• **TASK TO COMPLETE**:
Make an exact copy of the listing so that no picture is carried over.
☆ ☆ ☆ ☆ ☆
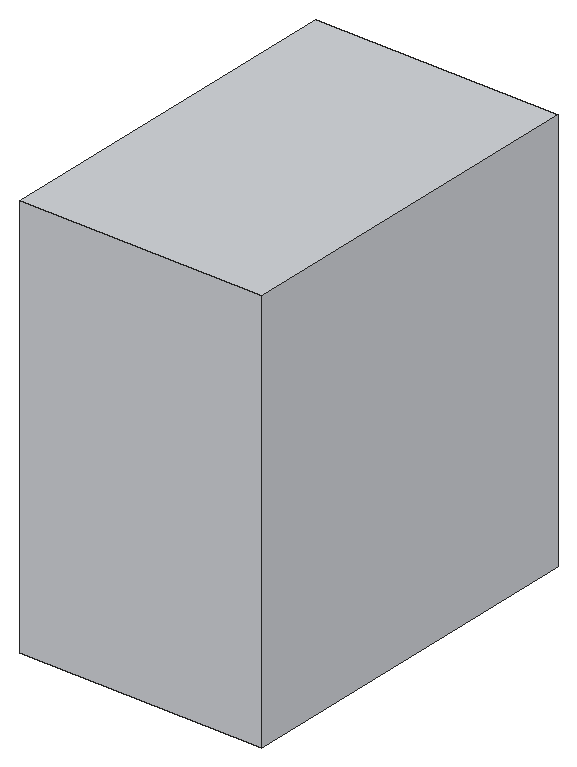
Revit family
Parameters
  Warranty Duration (Years) = 0
  Unit Width [instance] = 1' - 5 1/4"
  Unit Height [instance] = 4' - 8"
  Unit Depth = 0' - 0 1/4"
  URL = "http://www.americanspecialties.com/viewCategories.cfm"
  Trim Material = Metal - Stainless Steel
  Test Data = ""
  Specification = "http://www.arcat.com/sdspecs/htm/10810asi.htm"
  SpecWizard = ""
  Send Message = "http://www.arcat.com/users.pl?action=UserEmail&company=American%20Specialties,%20Inc.&coid=30448&rep=139&fax=914-476-0688&mf="
  Sales Information = "http://www.americanspecialties.com/contact"
  Revision = "R1_10-2010"
  Product Properties = "http://www.americanspecialties.com/datasheets/04692AC-6.pdf"
  Product Data = "http://www.arcat.com/arcatcos/cos30/arc30448.html"
  Model = "As Specified in 10 28 13"
  Manufacturer Website = "http://www.americanspecialties.com/viewCategories.cfm"
  Manufacturer Phone - Toll Free = ""
  Manufacturer Phone = "914-476-9000 "
  Manufacturer Fax = "914-476-0688"
  Manufacturer Address = "441 Saw Mill River Rd., Yonkers, NY 10701"
  Manufacturer = "American Specialties, Inc."
  Maintenance Schedule (Months) = 0
  Keynote = "10 28 13"
  Installation-Fabrication = "http://www.americanspecialties.com/products.cfm"
  Green Building-LEED = ""
  Expected Lifespan (Years) = 0
  Drawn By = "Robert S. Weygant. CSI, CDT, SCIP"  # constant formula
  Description = "Toilet Accessory as Specified in 10 28 13"
  Default Elevation = 4' - 0"
  Copyright = "©Arcat Inc."
  Construction Details = "http://www.arcat.com/green/clients/leed_data_30448.html"
  Building Codes = "http://www.americanspecialties.com/products.cfm"
  Body Material = Metal - Stainless Steel
  Assembly Code = "C1030210"
Reference planes (in)
  plane 1 "Center (Front/Back)": y = -0.29112
  plane 2 "Floor Line": z = 0
  plane 3 "Center (Left/Right)": x = -0.65843
Forms (in)
  Extrusion 1, solid
    sketch origin (-3, -9, -6) x (0, 0, -1) y (1, 0, 0)
      loop
        line (-82, 26) -> (-82, -19.34712) -> (-6, -19.34712) -> (-6, 26) -> (-82, 26)
    from 28.29112 to -41.06337
  Extrusion 2, solid, material "Metal - Stainless Steel" <- "Body Material"
    sketch origin (0, 0, 6) x (1, 0, 0) y (0, 1, 0)
      loop
        line (-8.28343, 26.70888) -> (-8.28343, -27.29112) -> (6.96657, -27.29112) -> (6.96657, 26.70888) -> (-8.28343, 26.70888)
    from 0 to -10
  Extrusion 3, solid, material "Metal - Stainless Steel" <- "Body Material"
    sketch origin (0, 7, 6) x (1, 0, 0) y (0, 1, 0)
      loop
        line (-5.68968, 6.70888) -> (-5.68968, 4.20888) -> (4.37282, 4.20888) -> (4.37282, 6.70888) -> (-5.68968, 6.70888)
      loop
        line (-5.43968, 6.45888) -> (-5.43968, 4.70888) -> (4.12282, 4.70888) -> (4.12282, 6.45888) -> (-5.43968, 6.45888)
    from 0 to -10
  Extrusion 4, solid, material "Metal - Stainless Steel" <- "Body Material"
    sketch origin (0, 0, 6) x (1, 0, 0) y (0, 1, 0)
      loop
        line (-9.28343, 27.70888) -> (-9.28343, -28.29112) -> (7.96657, -28.29112) -> (7.96657, 27.70888) -> (-9.28343, 27.70888)
      loop
        line (-8.28343, 26.70888) -> (-8.28343, -27.29112) -> (6.96657, -27.29112) -> (6.96657, 26.70888) -> (-8.28343, 26.70888)
    from 0 to 0.25
  Extrusion 5, solid, material "Metal - Stainless Steel" <- "Body Material"
    sketch origin (0, 0, 6) x (1, 0, 0) y (0, 1, 0)
      loop
        line (-8.28343, 26.70888) -> (-8.28343, 13.70888) -> (6.96657, 13.70888) -> (6.96657, 26.70888) -> (-8.28343, 26.70888)
    from 0 to 0.25
  Extrusion 6, solid, material "Metal - Stainless Steel" <- "Body Material"
    sketch origin (0, 0, 6) x (1, 0, 0) y (0, 1, 0)
      loop
        line (6.96657, -4.29112) -> (-8.28343, -4.29112) -> (-8.28343, -27.29112) -> (6.96657, -27.29112) -> (6.96657, -4.29112)
    from -10 to 1.75
  Extrusion 7, void
    sketch origin (-0.65843, 0, 6) x (0, 1, 0) y (0, 0, 1)
      loop
        line (13.70888, -9.75) -> (13.70888, 1.75) -> (-4.29112, 1.75) -> (-4.29112, -9.75) -> (13.70888, -9.75)
    from -7.61046 to 7.59319
  Extrusion 8, void
    sketch origin (-0.65843, 0, 0) x (0, 1, 0) y (0, 0, 1)
      loop
        line (-4.066, 7.70594) -> (-27.27764, 7.70594) -> (-27.27764, -3.98722) -> (-4.066, -3.98722) -> (-4.066, 7.70594)
    from -7.61046 to 7.57463
  Extrusion 9, solid, material "Metal - Stainless Steel" <- "Body Material"
    sketch origin (0, 0, 0) x (1, 0, 0) y (0, 1, 0)
      loop
        line (7.96657, -28.29112) -> (7.96657, 27.70888) -> (-9.28343, 27.70888) -> (-9.28343, -28.29112) -> (7.96657, -28.29112)
      loop
        line (-8.28343, 26.70888) -> (-8.28343, -27.29112) -> (6.96657, -27.29112) -> (6.96657, 26.70888) -> (-8.28343, 26.70888)
    from 0 to 6
  Extrusion 10, void
    sketch origin (0, 0, 0) x (1, 0, 0) y (0, 1, 0)
      loop
        line (-8.28343, 26.70888) -> (-8.28343, -27.29112) -> (6.96657, -27.29112) -> (6.96657, 26.70888) -> (-8.28343, 26.70888)
    from 0 to -4
  Extrusion 11, solid, material "Metal - Stainless Steel" <- "Trim Material"
    sketch origin (-1.31687, 0, 5.3125) x (-1, 0, 0) y (0, -1, 0)
      loop
        circle (5.37282, -20.33388) r 0.5
      loop
        line (5.316, -19.91524) -> (5.316, -20.76475) -> (5.42963, -20.76475) -> (5.42963, -19.91524) -> (5.316, -19.91524)
    from 0.9375 to 1
  Extrusion 12, solid
    sketch origin (0, 0, 0) x (1, 0, 0) y (0, 1, 0)
      loop
        circle (-0.65843, -3.566) r 0.5
      loop
        line (-0.60162, -3.98464) -> (-0.60162, -3.13513) -> (-0.71525, -3.13513) -> (-0.71525, -3.98464) -> (-0.60162, -3.98464)
    from -4 to -3.75
Cuts and joins
  Extrusion 7, Extrusion 8 cuts Extrusion 2
  Extrusion 8 cuts Extrusion 4
  Extrusion 7, Extrusion 8 cuts Extrusion 6
Dimensions and locks (in)
  aligned and locked: Extrusion 1 to level
  aligned and locked: Extrusion 4 to Extrusion 5
☆ ☆ ☆ ☆ ☆
• **EXERCISE SOLUTION**:
Revit family
Parameters
  Warranty Duration (Years) = 0
  Unit Width [instance] = 1' - 5 1/4"
  Unit Height [instance] = 4' - 8"
  Unit Depth = 0' - 0 1/4"
  URL = "http://www.americanspecialties.com/viewCategories.cfm"
  Trim Material = Metal - Stainless Steel
  Test Data = ""
  Specification = "http://www.arcat.com/sdspecs/htm/10810asi.htm"
  SpecWizard = ""
  Send Message = "http://www.arcat.com/users.pl?action=UserEmail&company=American%20Specialties,%20Inc.&coid=30448&rep=139&fax=914-476-0688&mf="
  Sales Information = "http://www.americanspecialties.com/contact"
  Revision = "R1_10-2010"
  Product Properties = "http://www.americanspecialties.com/datasheets/04692AC-6.pdf"
  Product Data = "http://www.arcat.com/arcatcos/cos30/arc30448.html"
  Model = "As Specified in 10 28 13"
  Manufacturer Website = "http://www.americanspecialties.com/viewCategories.cfm"
  Manufacturer Phone - Toll Free = ""
  Manufacturer Phone = "914-476-9000 "
  Manufacturer Fax = "914-476-0688"
  Manufacturer Address = "441 Saw Mill River Rd., Yonkers, NY 10701"
  Manufacturer = "American Specialties, Inc."
  Maintenance Schedule (Months) = 0
  Keynote = "10 28 13"
  Installation-Fabrication = "http://www.americanspecialties.com/products.cfm"
  Green Building-LEED = ""
  Expected Lifespan (Years) = 0
  Drawn By = "Robert S. Weygant. CSI, CDT, SCIP"  # constant formula
  Description = "Toilet Accessory as Specified in 10 28 13"
  Default Elevation = 4' - 0"
  Copyright = "©Arcat Inc."
  Construction Details = "http://www.arcat.com/green/clients/leed_data_30448.html"
  Building Codes = "http://www.americanspecialties.com/products.cfm"
  Body Material = Metal - Stainless Steel
  Assembly Code = "C1030210"
Reference planes (in)
  plane 1 "Center (Front/Back)": y = -0.29112
  plane 2 "Floor Line": z = 0
  plane 3 "Center (Left/Right)": x = -0.65843
Forms (in)
  Extrusion 1, solid
    sketch origin (-3, -9, -6) x (0, 0, -1) y (1, 0, 0)
      loop
        line (-82, 26) -> (-82, -19.34712) -> (-6, -19.34712) -> (-6, 26) -> (-82, 26)
    from 28.29112 to -41.06337
  Extrusion 2, solid, material "Metal - Stainless Steel" <- "Body Material"
    sketch origin (0, 0, 6) x (1, 0, 0) y (0, 1, 0)
      loop
        line (-8.28343, 26.70888) -> (-8.28343, -27.29112) -> (6.96657, -27.29112) -> (6.96657, 26.70888) -> (-8.28343, 26.70888)
    from 0 to -10
  Extrusion 3, solid, material "Metal - Stainless Steel" <- "Body Material"
    sketch origin (0, 7, 6) x (1, 0, 0) y (0, 1, 0)
      loop
        line (-5.68968, 6.70888) -> (-5.68968, 4.20888) -> (4.37282, 4.20888) -> (4.37282, 6.70888) -> (-5.68968, 6.70888)
      loop
        line (-5.43968, 6.45888) -> (-5.43968, 4.70888) -> (4.12282, 4.70888) -> (4.12282, 6.45888) -> (-5.43968, 6.45888)
    from 0 to -10
  Extrusion 4, solid, material "Metal - Stainless Steel" <- "Body Material"
    sketch origin (0, 0, 6) x (1, 0, 0) y (0, 1, 0)
      loop
        line (-9.28343, 27.70888) -> (-9.28343, -28.29112) -> (7.96657, -28.29112) -> (7.96657, 27.70888) -> (-9.28343, 27.70888)
      loop
        line (-8.28343, 26.70888) -> (-8.28343, -27.29112) -> (6.96657, -27.29112) -> (6.96657, 26.70888) -> (-8.28343, 26.70888)
    from 0 to 0.25
  Extrusion 5, solid, material "Metal - Stainless Steel" <- "Body Material"
    sketch origin (0, 0, 6) x (1, 0, 0) y (0, 1, 0)
      loop
        line (-8.28343, 26.70888) -> (-8.28343, 13.70888) -> (6.96657, 13.70888) -> (6.96657, 26.70888) -> (-8.28343, 26.70888)
    from 0 to 0.25
  Extrusion 6, solid, material "Metal - Stainless Steel" <- "Body Material"
    sketch origin (0, 0, 6) x (1, 0, 0) y (0, 1, 0)
      loop
        line (6.96657, -4.29112) -> (-8.28343, -4.29112) -> (-8.28343, -27.29112) -> (6.96657, -27.29112) -> (6.96657, -4.29112)
    from -10 to 1.75
  Extrusion 7, void
    sketch origin (-0.65843, 0, 6) x (0, 1, 0) y (0, 0, 1)
      loop
        line (13.70888, -9.75) -> (13.70888, 1.75) -> (-4.29112, 1.75) -> (-4.29112, -9.75) -> (13.70888, -9.75)
    from -7.61046 to 7.59319
  Extrusion 8, void
    sketch origin (-0.65843, 0, 0) x (0, 1, 0) y (0, 0, 1)
      loop
        line (-4.066, 7.70594) -> (-27.27764, 7.70594) -> (-27.27764, -3.98722) -> (-4.066, -3.98722) -> (-4.066, 7.70594)
    from -7.61046 to 7.57463
  Extrusion 9, solid, material "Metal - Stainless Steel" <- "Body Material"
    sketch origin (0, 0, 0) x (1, 0, 0) y (0, 1, 0)
      loop
        line (7.96657, -28.29112) -> (7.96657, 27.70888) -> (-9.28343, 27.70888) -> (-9.28343, -28.29112) -> (7.96657, -28.29112)
      loop
        line (-8.28343, 26.70888) -> (-8.28343, -27.29112) -> (6.96657, -27.29112) -> (6.96657, 26.70888) -> (-8.28343, 26.70888)
    from 0 to 6
  Extrusion 10, void
    sketch origin (0, 0, 0) x (1, 0, 0) y (0, 1, 0)
      loop
        line (-8.28343, 26.70888) -> (-8.28343, -27.29112) -> (6.96657, -27.29112) -> (6.96657, 26.70888) -> (-8.28343, 26.70888)
    from 0 to -4
  Extrusion 11, solid, material "Metal - Stainless Steel" <- "Trim Material"
    sketch origin (-1.31687, 0, 5.3125) x (-1, 0, 0) y (0, -1, 0)
      loop
        circle (5.37282, -20.33388) r 0.5
      loop
        line (5.316, -19.91524) -> (5.316, -20.76475) -> (5.42963, -20.76475) -> (5.42963, -19.91524) -> (5.316, -19.91524)
    from 0.9375 to 1
  Extrusion 12, solid
    sketch origin (0, 0, 0) x (1, 0, 0) y (0, 1, 0)
      loop
        circle (-0.65843, -3.566) r 0.5
      loop
        line (-0.60162, -3.98464) -> (-0.60162, -3.13513) -> (-0.71525, -3.13513) -> (-0.71525, -3.98464) -> (-0.60162, -3.98464)
    from -4 to -3.75
Cuts and joins
  Extrusion 7, Extrusion 8 cuts Extrusion 2
  Extrusion 8 cuts Extrusion 4
  Extrusion 7, Extrusion 8 cuts Extrusion 6
Dimensions and locks (in)
  aligned and locked: Extrusion 1 to level
  aligned and locked: Extrusion 4 to Extrusion 5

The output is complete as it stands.